Quelle est la plus ancienne pâtisserie de Paris ?
La maison Stohrer, ouverte en 1730, est considérée comme la plus ancienne pâtisserie de Paris. Elle reste notamment associée au baba au rhum, qu’elle a contribué à populariser dans la capitale.
D’où vient le Paris-Brest ?
Il a été créé en 1910 par le pâtissier Louis Durand, à Maisons-Laffitte, en hommage à la course cycliste Paris-Brest-Paris. Sa forme ronde évoque une roue de vélo, et il est garni d’une crème mousseline au praliné.

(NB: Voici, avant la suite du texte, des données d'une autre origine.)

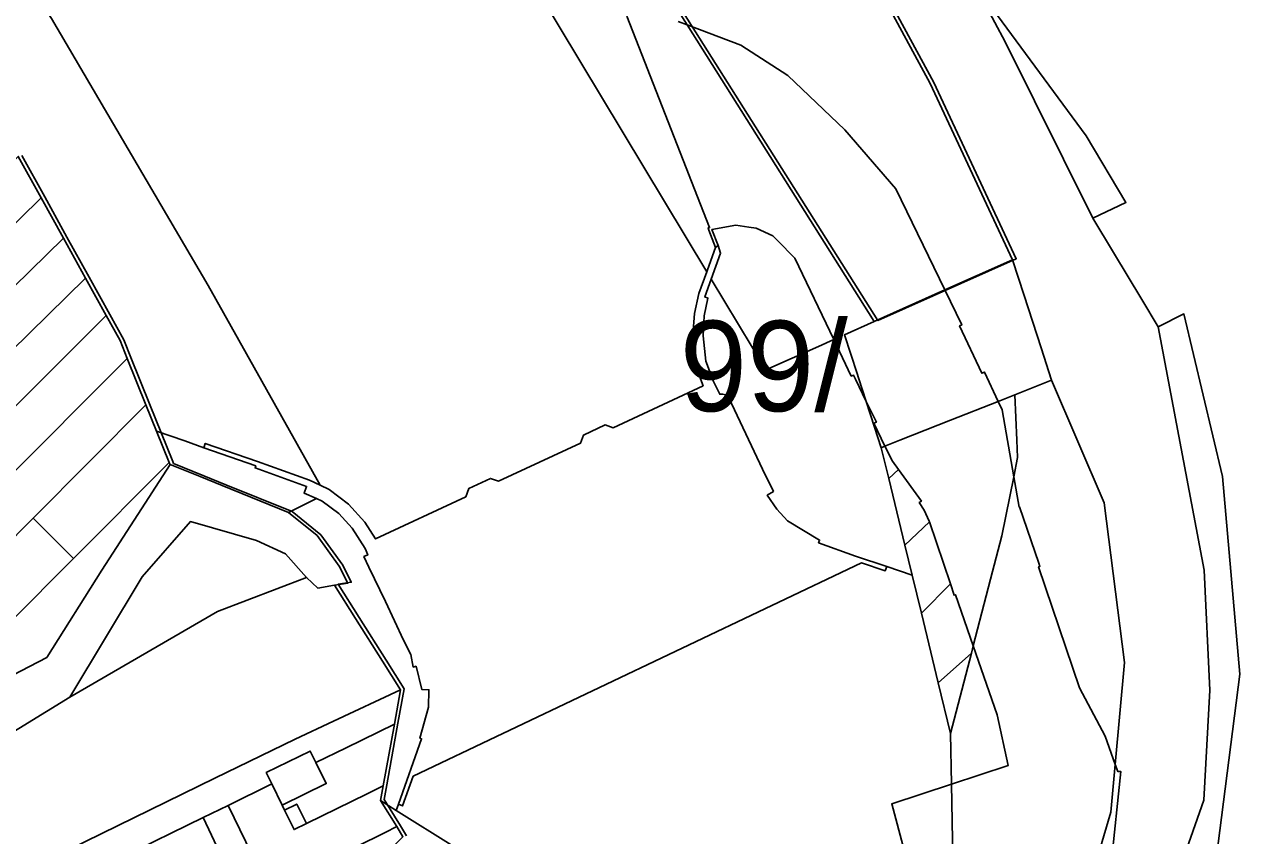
# Model space of a CAD drawing. Extents: x -535894 to -532827, y -1165802 to -1163635.
# Drawn here: x -533178.9 to -532977.3, y -1164904.6 to -1164770 of the extents above; entities that cross this region are included whole.
import ezdxf

# ---------------------------------------------------------------- set-up
doc = ezdxf.new("R2010")
doc.units = 0
for name, color, linetype in [('BPEJ_s', 7, 'Continuous'), ('orna_s', 7, 'Continuous'), ('ostatni_s', 7, 'Continuous'), ('trav_porost_s', 7, 'Continuous'), ('voda_s', 7, 'Continuous')]:
    doc.layers.add(name, color=color, linetype=linetype)

msp = doc.modelspace()

# ---------------------------------------------------------------- linework, layer by layer
at = {"layer": 'BPEJ_s'}
msp.add_lwpolyline([(-533064.041, -1164714.206), (-533051.48, -1164737.74), (-533049.69, -1164741.02), (-533048.53, -1164743.15), (-533047.398, -1164743.989), (-533028.041, -1164779.71), (-533014.38, -1164808.947), (-533037.332, -1164819.2), (-533075.566, -1164758.607), (-533078.437, -1164753.841), (-533082.42, -1164747.231), (-533086.574, -1164740.34), (-533089.802, -1164734.991), (-533093.522, -1164728.812), (-533097.748, -1164722.487), (-533099.729, -1164719.761), (-533174.02, -1164617.541), (-533177.323, -1164613.591), (-533144.122, -1164624.407), (-533120.195, -1164632.203), (-533112.188, -1164642.002), (-533098.703, -1164658.507), (-533086.643, -1164676.675), (-533076.582, -1164691.833)], close=True, dxfattribs=at)
for points in [[(-533174.02, -1164617.541), (-533099.729, -1164719.761), (-533097.748, -1164722.487), (-533093.522, -1164728.812), (-533089.802, -1164734.991), (-533086.574, -1164740.34), (-533082.42, -1164747.231), (-533078.437, -1164753.841), (-533075.566, -1164758.607), (-533037.332, -1164819.2), (-533014.38, -1164808.947), (-533028.041, -1164779.71), (-533047.398, -1164743.989), (-533021.38, -1164763.26), (-533002.77, -1164788.53), (-532996.17, -1164799.59), (-533001.68, -1164802.19), (-532998.25, -1164807.9), (-532993.57, -1164815.7), (-532990.84, -1164820.26), (-532986.56, -1164818.1), (-532980.17, -1164845.09), (-532977.31, -1164877.84), (-532981.22, -1164908.52)], [(-533179.324, -1164791.812), (-533175.539, -1164798.672), (-533171.846, -1164805.359), (-533168.169, -1164812.007), (-533164.734, -1164818.214), (-533162.439, -1164822.363), (-533161.248, -1164825.312), (-533158.139, -1164833.012), (-533154.284, -1164842.576), (-533154.149, -1164842.903), (-533149.163, -1164844.927), (-533145.487, -1164846.423), (-533134.501, -1164850.874), (-533129.737, -1164854.714), (-533126.072, -1164859.76), (-533124.678, -1164862.601), (-533126.87, -1164862.951), (-533123.37, -1164868.48), (-533118.912, -1164875.536), (-533115.91, -1164880.287), (-533116.935, -1164885.978), (-533118.768, -1164896.207)], [(-533115.501, -1164904.659), (-533116.533, -1164902.995), (-533119.211, -1164898.663), (-533118.768, -1164896.207), (-533116.935, -1164885.978), (-533115.91, -1164880.287), (-533118.912, -1164875.536), (-533123.37, -1164868.48), (-533126.87, -1164862.951), (-533124.678, -1164862.601), (-533126.072, -1164859.76), (-533129.737, -1164854.714), (-533134.501, -1164850.874), (-533145.487, -1164846.423), (-533149.163, -1164844.927), (-533154.149, -1164842.903), (-533154.284, -1164842.576), (-533158.139, -1164833.012), (-533161.248, -1164825.312), (-533162.439, -1164822.363), (-533164.734, -1164818.214), (-533168.169, -1164812.007), (-533171.846, -1164805.359), (-533175.539, -1164798.672), (-533179.324, -1164791.812)], [(-533118.768, -1164896.207), (-533119.211, -1164898.663), (-533116.533, -1164902.995), (-533115.501, -1164904.659)]]:
    msp.add_lwpolyline(points, dxfattribs=at)
at = {"layer": 'orna_s'}
for points in [[(-533176.14, -1164798.83), (-533282.57, -1164903.56), (-533293.4, -1164903.76), (-533179.93, -1164791.97)], [(-533172.45, -1164805.52), (-533272.33, -1164903.38), (-533282.57, -1164903.56), (-533176.14, -1164798.83)], [(-533168.77, -1164812.17), (-533261.52, -1164903.19), (-533272.33, -1164903.38), (-533172.45, -1164805.52)], [(-533165.34, -1164818.38), (-533229.86, -1164882.85), (-533251.03, -1164902.99), (-533261.52, -1164903.19), (-533168.77, -1164812.17)], [(-533163.04, -1164822.52), (-533161.85, -1164825.47), (-533182.9, -1164846.57), (-533235.8, -1164899.62), (-533249.36, -1164902.96), (-533251.03, -1164902.99), (-533229.86, -1164882.85), (-533165.34, -1164818.38)], [(-533158.74, -1164833.17), (-533177.43, -1164852), (-533220.52, -1164895.43), (-533225.42, -1164897.07), (-533235.8, -1164899.62), (-533182.9, -1164846.57), (-533161.85, -1164825.47)], [(-533156.99, -1164837.52), (-533154.89, -1164842.74), (-533170.75, -1164858.64), (-533177.43, -1164852), (-533158.74, -1164833.17)], [(-533154.75, -1164843.06), (-533166.05, -1164860.58), (-533175.17, -1164875.08), (-533189.49, -1164882.49), (-533200, -1164887.93), (-533192.13, -1164880.06), (-533170.75, -1164858.64), (-533154.89, -1164842.74)], [(-533170.75, -1164858.64), (-533192.13, -1164880.06), (-533200, -1164887.93), (-533203.49, -1164889.74), (-533220.52, -1164895.43), (-533177.43, -1164852)], [(-533149.26, -1164901.65), (-533145.13, -1164899.63), (-533138.32, -1164913.61), (-533119.06, -1164904.11), (-533117.14, -1164903.15), (-533116.11, -1164904.82), (-533137.69, -1164926.13), (-533141.88, -1164917.25)], [(-533149.26, -1164901.65), (-533141.88, -1164917.25), (-533157.58, -1164933.38), (-533260.52, -1165035.2), (-533294.68, -1165069.27), (-533316.06, -1165016.63), (-533241.31, -1164941.86), (-533238.5, -1164941.84), (-533229.28, -1164940.77)]]:
    msp.add_lwpolyline(points, close=True, dxfattribs=at)
at = {"layer": 'ostatni_s'}
for points in [[(-533216.56, -1164705.51), (-533174.44, -1164769.08), (-533148.43, -1164813.4), (-533129.85, -1164846.49), (-533131.61, -1164845.66), (-533140.25, -1164842.55), (-533148.9, -1164839.58), (-533149.14, -1164840.29), (-533152.31, -1164839.17), (-533156.99, -1164837.52), (-533158.74, -1164833.17), (-533161.85, -1164825.47), (-533163.04, -1164822.52), (-533165.34, -1164818.38), (-533168.77, -1164812.17), (-533172.45, -1164805.52), (-533176.14, -1164798.83), (-533179.93, -1164791.97)], [(-533078.96, -1164768.7), (-533065.26, -1164803.77), (-533065.5, -1164803.82), (-533065.36, -1164804.18), (-533064.29, -1164807.07), (-533065.61, -1164810.76), (-533065.72, -1164811.1), (-533107.67, -1164741.3)], [(-533076.17, -1164758.76), (-533068.98, -1164770.15), (-533070.48, -1164769.59)], [(-533070.48, -1164769.59), (-533068.98, -1164770.15), (-533037.94, -1164819.35), (-533042.84, -1164821.55), (-533040.76, -1164827.95), (-533040.53, -1164828.67), (-533039.27, -1164832.6), (-533041.05, -1164828.94), (-533041.39, -1164828.25), (-533041.74, -1164828.4), (-533044.65, -1164822.35), (-533051.13, -1164808.84), (-533054, -1164805.9), (-533054.77, -1164805.11), (-533057.54, -1164803.87), (-533058.72, -1164803.7), (-533060.9, -1164803.39), (-533064.85, -1164804.08), (-533063.85, -1164806.75), (-533064.29, -1164807.07), (-533065.36, -1164804.18), (-533065.5, -1164803.82), (-533065.26, -1164803.77), (-533078.96, -1164768.7)], [(-533236.41, -1164909.7), (-533192.2, -1164894.47), (-533171.4, -1164881.68), (-533146.9, -1164867.45), (-533132.1, -1164861.81), (-533130.26, -1164863.56), (-533127.47, -1164863.11), (-533123.98, -1164868.64), (-533119.52, -1164875.7), (-533116.52, -1164880.45), (-533127.62, -1164885.63), (-533134.02, -1164888.62), (-533147.32, -1164895.13), (-533230.7, -1164935.9)], [(-533230.7, -1164935.9), (-533147.32, -1164895.13), (-533134.02, -1164888.62), (-533127.62, -1164885.63), (-533116.52, -1164880.45), (-533117.54, -1164886.14), (-533125.56, -1164890.06), (-533130.56, -1164892.51), (-533131.5, -1164890.61), (-533138.79, -1164894.19), (-533137.86, -1164896.07), (-533145.13, -1164899.63), (-533149.26, -1164901.65), (-533229.28, -1164940.77)], [(-533116.11, -1164904.82), (-533117.14, -1164903.15), (-533119.82, -1164898.82), (-533117.22, -1164900.45), (-533098.11, -1164912.42)]]:
    msp.add_lwpolyline(points, dxfattribs=at)
for points in [[(-533016.19, -1164772.94), (-533021.38, -1164763.26), (-533002.77, -1164788.53), (-532996.17, -1164799.59), (-533001.68, -1164802.19)], [(-533068.98, -1164770.15), (-533060.06, -1164773.5), (-533052.26, -1164778.52), (-533042.8, -1164787.55), (-533034.33, -1164797.33), (-533026.23, -1164814.12), (-533037.94, -1164819.35)], [(-533058.72, -1164803.7), (-533057.54, -1164803.87), (-533054.77, -1164805.11), (-533054, -1164805.9), (-533051.13, -1164808.84), (-533044.65, -1164822.35), (-533047.16, -1164823.47), (-533055.93, -1164827.39), (-533064.98, -1164812.34), (-533063.41, -1164808.03), (-533063.85, -1164806.75), (-533064.85, -1164804.08), (-533060.9, -1164803.39)], [(-533063.85, -1164806.75), (-533063.41, -1164808.03), (-533064.98, -1164812.34), (-533066.05, -1164815.28), (-533065.52, -1164815.47), (-533066.12, -1164818.42), (-533066.32, -1164821.75), (-533065.88, -1164825.93), (-533064.62, -1164829.31), (-533063.56, -1164831.41), (-533063.04, -1164831.41), (-533062.61, -1164831.54), (-533062.18, -1164831.87), (-533061.94, -1164832.22), (-533061.6, -1164832.94), (-533059.24, -1164838), (-533056.49, -1164843.86), (-533054.66, -1164847.53), (-533055.68, -1164848.17), (-533054.08, -1164850.46), (-533052.32, -1164852.42), (-533047, -1164855.6), (-533047.16, -1164856.06), (-533041.04, -1164858.27), (-533035.87, -1164860.02), (-533036.12, -1164860.7), (-533040.05, -1164859.4), (-533114.4, -1164894.79), (-533116.17, -1164899.7), (-533116.87, -1164899.42), (-533113.01, -1164888.56), (-533113.29, -1164888.46), (-533111.9, -1164883.32), (-533111.8, -1164880.45), (-533113, -1164880.39), (-533113.94, -1164876.55), (-533114.4, -1164876.67), (-533114.81, -1164874.57), (-533116.02, -1164872.19), (-533119.01, -1164865.81), (-533121.79, -1164860.11), (-533122.6, -1164858.35), (-533121.94, -1164858.07), (-533122.39, -1164856.98), (-533124.52, -1164853.64), (-533126.75, -1164851.21), (-533129.49, -1164849.15), (-533130.46, -1164848.72), (-533132.52, -1164847.81), (-533132.11, -1164846.71), (-533140.65, -1164843.63), (-533140.54, -1164843.32), (-533149.14, -1164840.29), (-533148.9, -1164839.58), (-533140.25, -1164842.55), (-533131.61, -1164845.66), (-533129.85, -1164846.49), (-533128.35, -1164847.2), (-533125.12, -1164849.67), (-533122.43, -1164852.64), (-533120.66, -1164855.41), (-533105.69, -1164848.41), (-533105.21, -1164847.08), (-533101.59, -1164845.38), (-533100.24, -1164845.86), (-533086.66, -1164839.51), (-533086.18, -1164838.19), (-533082.55, -1164836.49), (-533081.23, -1164836.98), (-533066.32, -1164830), (-533067.67, -1164826.38), (-533068.04, -1164821.56), (-533067.75, -1164818), (-533067.05, -1164814.68), (-533065.72, -1164811.1), (-533065.61, -1164810.76), (-533064.29, -1164807.07)], [(-533014.98, -1164809.1), (-533013.07, -1164815.01), (-533010.27, -1164823.69), (-533008.53, -1164829.07), (-533014.61, -1164831.49), (-533017.38, -1164832.62), (-533019.64, -1164827.73), (-533020.06, -1164827.93), (-533023.77, -1164820.07), (-533023.43, -1164819.91), (-533026.23, -1164814.12)], [(-533064.98, -1164812.34), (-533055.93, -1164827.39), (-533047.16, -1164823.47), (-533044.65, -1164822.35), (-533041.74, -1164828.4), (-533041.39, -1164828.25), (-533041.05, -1164828.94), (-533039.27, -1164832.6), (-533037.87, -1164836.9), (-533036.78, -1164840.28), (-533035.54, -1164845.41), (-533032.87, -1164856.43), (-533031.66, -1164861.43), (-533035.87, -1164860.02), (-533041.04, -1164858.27), (-533047.16, -1164856.06), (-533047, -1164855.6), (-533052.32, -1164852.42), (-533054.08, -1164850.46), (-533055.68, -1164848.17), (-533054.66, -1164847.53), (-533056.49, -1164843.86), (-533059.24, -1164838), (-533061.6, -1164832.94), (-533061.94, -1164832.22), (-533062.18, -1164831.87), (-533062.61, -1164831.54), (-533063.04, -1164831.41), (-533063.56, -1164831.41), (-533064.62, -1164829.31), (-533065.88, -1164825.93), (-533066.32, -1164821.75), (-533066.12, -1164818.42), (-533065.52, -1164815.47), (-533066.05, -1164815.28)], [(-533026.23, -1164814.12), (-533023.43, -1164819.91), (-533023.77, -1164820.07), (-533020.06, -1164827.93), (-533019.64, -1164827.73), (-533017.38, -1164832.62), (-533025.28, -1164835.72), (-533033.7, -1164839.05), (-533036.16, -1164840.03), (-533037.98, -1164836.23), (-533037.58, -1164836.04), (-533039.27, -1164832.6), (-533040.53, -1164828.67), (-533040.76, -1164827.95), (-533042.84, -1164821.55), (-533037.94, -1164819.35)], [(-533008.53, -1164829.07), (-532999.79, -1164849.41), (-532996.43, -1164875.92), (-532997.96, -1164892.84), (-532999.62, -1164888.13), (-533003.87, -1164880.13), (-533010.66, -1164860.03), (-533010.45, -1164859.97), (-533010.63, -1164859.43), (-533013.81, -1164850.1), (-533013.9, -1164850.14), (-533014.78, -1164845.11), (-533014.15, -1164841.92), (-533014.28, -1164839.02), (-533014.61, -1164831.49)], [(-533037.58, -1164836.04), (-533037.98, -1164836.23), (-533036.16, -1164840.03), (-533036.78, -1164840.28), (-533037.87, -1164836.9), (-533039.27, -1164832.6)], [(-533017.38, -1164832.62), (-533016.73, -1164834.02), (-533014.78, -1164845.11), (-533016.75, -1164854.92), (-533018.63, -1164862.11), (-533021.51, -1164873.18), (-533024.46, -1164864.68), (-533024.68, -1164864.75), (-533025.3, -1164862.89), (-533028.77, -1164852.59), (-533028.81, -1164852.46), (-533029.63, -1164850.67), (-533030.47, -1164849.39), (-533030.1, -1164849.13), (-533033.92, -1164843.89), (-533034.93, -1164842.51), (-533036.16, -1164840.03), (-533033.7, -1164839.05), (-533025.28, -1164835.72)], [(-533014.61, -1164831.49), (-533014.28, -1164839.02), (-533014.15, -1164841.92), (-533014.78, -1164845.11), (-533016.73, -1164834.02), (-533017.38, -1164832.62)], [(-533152.31, -1164839.17), (-533149.14, -1164840.29), (-533140.54, -1164843.32), (-533140.65, -1164843.63), (-533132.11, -1164846.71), (-533132.52, -1164847.81), (-533130.46, -1164848.72), (-533135.11, -1164851.03), (-533146.09, -1164846.58), (-533149.77, -1164845.09), (-533154.75, -1164843.06), (-533154.89, -1164842.74), (-533156.99, -1164837.52)], [(-533036.16, -1164840.03), (-533034.93, -1164842.51), (-533033.92, -1164843.89), (-533035.54, -1164845.41), (-533036.78, -1164840.28)], [(-533035.54, -1164845.41), (-533033.92, -1164843.89), (-533030.1, -1164849.13), (-533030.47, -1164849.39), (-533029.63, -1164850.67), (-533028.81, -1164852.46), (-533028.77, -1164852.59), (-533032.87, -1164856.43)], [(-533013.9, -1164850.14), (-533013.81, -1164850.1), (-533010.63, -1164859.43), (-533010.45, -1164859.97), (-533010.66, -1164860.03), (-533003.87, -1164880.13), (-532999.62, -1164888.13), (-532997.96, -1164892.84), (-532998.67, -1164900.76), (-533005.49, -1164923.73), (-533009.67, -1164931.84), (-533010.36, -1164932.29), (-533012.47, -1164933.65), (-533014.17, -1164935.04), (-533016.06, -1164937.15), (-533024.33, -1164939.46), (-533024.62, -1164923.92), (-533025.13, -1164896.12), (-533015.73, -1164893.02), (-533017.56, -1164884.6), (-533021.51, -1164873.18), (-533018.63, -1164862.11), (-533016.75, -1164854.92), (-533014.78, -1164845.11)], [(-533129.49, -1164849.15), (-533126.75, -1164851.21), (-533124.52, -1164853.64), (-533122.39, -1164856.98), (-533121.94, -1164858.07), (-533122.6, -1164858.35), (-533121.79, -1164860.11), (-533119.01, -1164865.81), (-533116.02, -1164872.19), (-533114.81, -1164874.57), (-533114.4, -1164876.67), (-533113.94, -1164876.55), (-533113, -1164880.39), (-533111.8, -1164880.45), (-533111.9, -1164883.32), (-533113.29, -1164888.46), (-533113.01, -1164888.56), (-533116.87, -1164899.42), (-533117.22, -1164900.45), (-533119.82, -1164898.82), (-533119.37, -1164896.37), (-533117.54, -1164886.14), (-533116.52, -1164880.45), (-533119.52, -1164875.7), (-533123.98, -1164868.64), (-533127.47, -1164863.11), (-533125.28, -1164862.76), (-533126.68, -1164859.92), (-533130.34, -1164854.87), (-533135.11, -1164851.03), (-533130.46, -1164848.72)], [(-533032.87, -1164856.43), (-533028.77, -1164852.59), (-533025.3, -1164862.89), (-533030.12, -1164867.76), (-533031.66, -1164861.43)], [(-533024.46, -1164864.68), (-533021.51, -1164873.18), (-533021.81, -1164874.35), (-533027.33, -1164879.29), (-533030.12, -1164867.76), (-533025.3, -1164862.89), (-533024.68, -1164864.75)], [(-533027.33, -1164879.29), (-533021.81, -1164874.35), (-533025.29, -1164887.7)], [(-533021.81, -1164874.35), (-533021.51, -1164873.18), (-533017.56, -1164884.6), (-533015.73, -1164893.02), (-533025.13, -1164896.12), (-533025.29, -1164887.7)], [(-533125.56, -1164890.06), (-533117.54, -1164886.14), (-533119.37, -1164896.37), (-533122.04, -1164897.68), (-533132.1, -1164902.62), (-533133.74, -1164899.4), (-533135.74, -1164900.39), (-533136.13, -1164899.58), (-533128.85, -1164896.01), (-533130.56, -1164892.51)], [(-533131.5, -1164890.61), (-533130.56, -1164892.51), (-533128.85, -1164896.01), (-533136.13, -1164899.58), (-533137.86, -1164896.07), (-533138.79, -1164894.19)], [(-532997.96, -1164892.84), (-532997.55, -1164893.98), (-532997.02, -1164894.02), (-532998.63, -1164909.37), (-532994.46, -1164920.43), (-532998.95, -1164924.85), (-533001.85, -1164927.06), (-533003.92, -1164928.32), (-533006.56, -1164929.76), (-533009.67, -1164931.84), (-533005.49, -1164923.73), (-532998.67, -1164900.76)], [(-533122.04, -1164897.68), (-533119.37, -1164896.37), (-533119.82, -1164898.82), (-533117.14, -1164903.15), (-533119.06, -1164904.11), (-533138.32, -1164913.61), (-533145.13, -1164899.63), (-533137.86, -1164896.07), (-533136.13, -1164899.58), (-533135.74, -1164900.39), (-533134.16, -1164903.63), (-533132.1, -1164902.62)], [(-533035.02, -1164899.39), (-533025.13, -1164896.12), (-533024.62, -1164923.92), (-533024.33, -1164939.46)], [(-533135.74, -1164900.39), (-533133.74, -1164899.4), (-533132.1, -1164902.62), (-533134.16, -1164903.63)]]:
    msp.add_lwpolyline(points, close=True, dxfattribs=at)
at = {"layer": 'trav_porost_s'}
msp.add_lwpolyline([(-533050.15, -1164744.07), (-533048.53, -1164743.15), (-533028.64, -1164779.86), (-533014.98, -1164809.1), (-533026.23, -1164814.12), (-533034.33, -1164797.33), (-533042.8, -1164787.55), (-533052.26, -1164778.52), (-533060.06, -1164773.5), (-533068.98, -1164770.15), (-533076.17, -1164758.76), (-533063.86, -1164751.81)], close=True, dxfattribs=at)
at = {"layer": 'voda_s'}
for points in [[(-533187.88, -1164629.82), (-533107.67, -1164741.3), (-533065.72, -1164811.1), (-533067.05, -1164814.68), (-533067.75, -1164818), (-533068.04, -1164821.56), (-533067.67, -1164826.38), (-533066.32, -1164830), (-533081.23, -1164836.98), (-533082.55, -1164836.49), (-533086.18, -1164838.19), (-533086.66, -1164839.51), (-533100.24, -1164845.86), (-533101.59, -1164845.38), (-533105.21, -1164847.08), (-533105.69, -1164848.41), (-533120.66, -1164855.41), (-533122.43, -1164852.64), (-533125.12, -1164849.67), (-533128.35, -1164847.2), (-533129.85, -1164846.49), (-533148.43, -1164813.4), (-533174.44, -1164769.08), (-533216.56, -1164705.51)], [(-532998.63, -1164909.37), (-532997.02, -1164894.02), (-532997.55, -1164893.98), (-532997.96, -1164892.84), (-532996.43, -1164875.92), (-532999.79, -1164849.41), (-533008.53, -1164829.07), (-533010.27, -1164823.69), (-533013.07, -1164815.01), (-533014.98, -1164809.1), (-533028.64, -1164779.86), (-533048.53, -1164743.15), (-533021.38, -1164763.26), (-533016.19, -1164772.94), (-533001.68, -1164802.19), (-532998.25, -1164807.9), (-532993.57, -1164815.7), (-532990.84, -1164820.26), (-532983.21, -1164860.62), (-532982.29, -1164880.52), (-532983.25, -1164898.77), (-532988.28, -1164913.08)], [(-533189.49, -1164882.49), (-533175.17, -1164875.08), (-533166.05, -1164860.58), (-533154.75, -1164843.06), (-533149.77, -1164845.09), (-533146.09, -1164846.58), (-533135.11, -1164851.03), (-533130.34, -1164854.87), (-533126.68, -1164859.92), (-533125.28, -1164862.76), (-533127.47, -1164863.11), (-533130.26, -1164863.56), (-533132.1, -1164861.81), (-533135.59, -1164857.88), (-533140.4, -1164855.68), (-533151.38, -1164852.54), (-533159.38, -1164861.69), (-533171.4, -1164881.68), (-533192.2, -1164894.47)], [(-533098.11, -1164912.42), (-533117.22, -1164900.45), (-533116.87, -1164899.42), (-533116.17, -1164899.7), (-533114.4, -1164894.79), (-533040.05, -1164859.4), (-533036.12, -1164860.7), (-533035.87, -1164860.02), (-533031.66, -1164861.43), (-533030.12, -1164867.76), (-533027.33, -1164879.29), (-533025.29, -1164887.7), (-533025.13, -1164896.12), (-533035.02, -1164899.39), (-533024.33, -1164939.46)]]:
    msp.add_lwpolyline(points, dxfattribs=at)
for points in [[(-532990.84, -1164820.26), (-532986.56, -1164818.1), (-532980.17, -1164845.09), (-532977.31, -1164877.84), (-532981.22, -1164908.52), (-532991.79, -1164937.99), (-533005.91, -1164963.1), (-532996.56, -1164936.58), (-532993.75, -1164928.6), (-532988.28, -1164913.08), (-532983.25, -1164898.77), (-532982.29, -1164880.52), (-532983.21, -1164860.62)], [(-533151.38, -1164852.54), (-533140.4, -1164855.68), (-533135.59, -1164857.88), (-533132.1, -1164861.81), (-533146.9, -1164867.45), (-533171.4, -1164881.68), (-533159.38, -1164861.69)]]:
    msp.add_lwpolyline(points, close=True, dxfattribs=at)

# ---------------------------------------------------------------- texts
at = {"layer": 'BPEJ_s'}
msp.add_text('99/', height=15, dxfattribs=at).set_placement((-533070.195, -1164834.23))

doc.saveas('drawing.dxf')

Comment savoir si une pâtisserie est bonne ?
Fiez-vous à la fraîcheur (une vitrine qui tourne vite), à une carte qui suit les saisons et à la netteté des finitions. Une carte figée toute l’année est moins rassurante. Le meilleur juge reste votre propre dégustation.
Que rapporter de sucré de Paris ?
Les macarons et certains chocolats se transportent bien mieux que les entremets, plus fragiles. Pour offrir ou voyager, ce sont des valeurs sûres ; gardez les gâteaux à la crème pour une dégustation rapprochée.
Au fond, « desserts paris » ne se résume pas à une adresse à cocher. C’est une poignée de classiques à connaître, des maisons à découvrir au gré de ses envies, et le plaisir, toujours renouvelé, de s’arrêter devant une vitrine.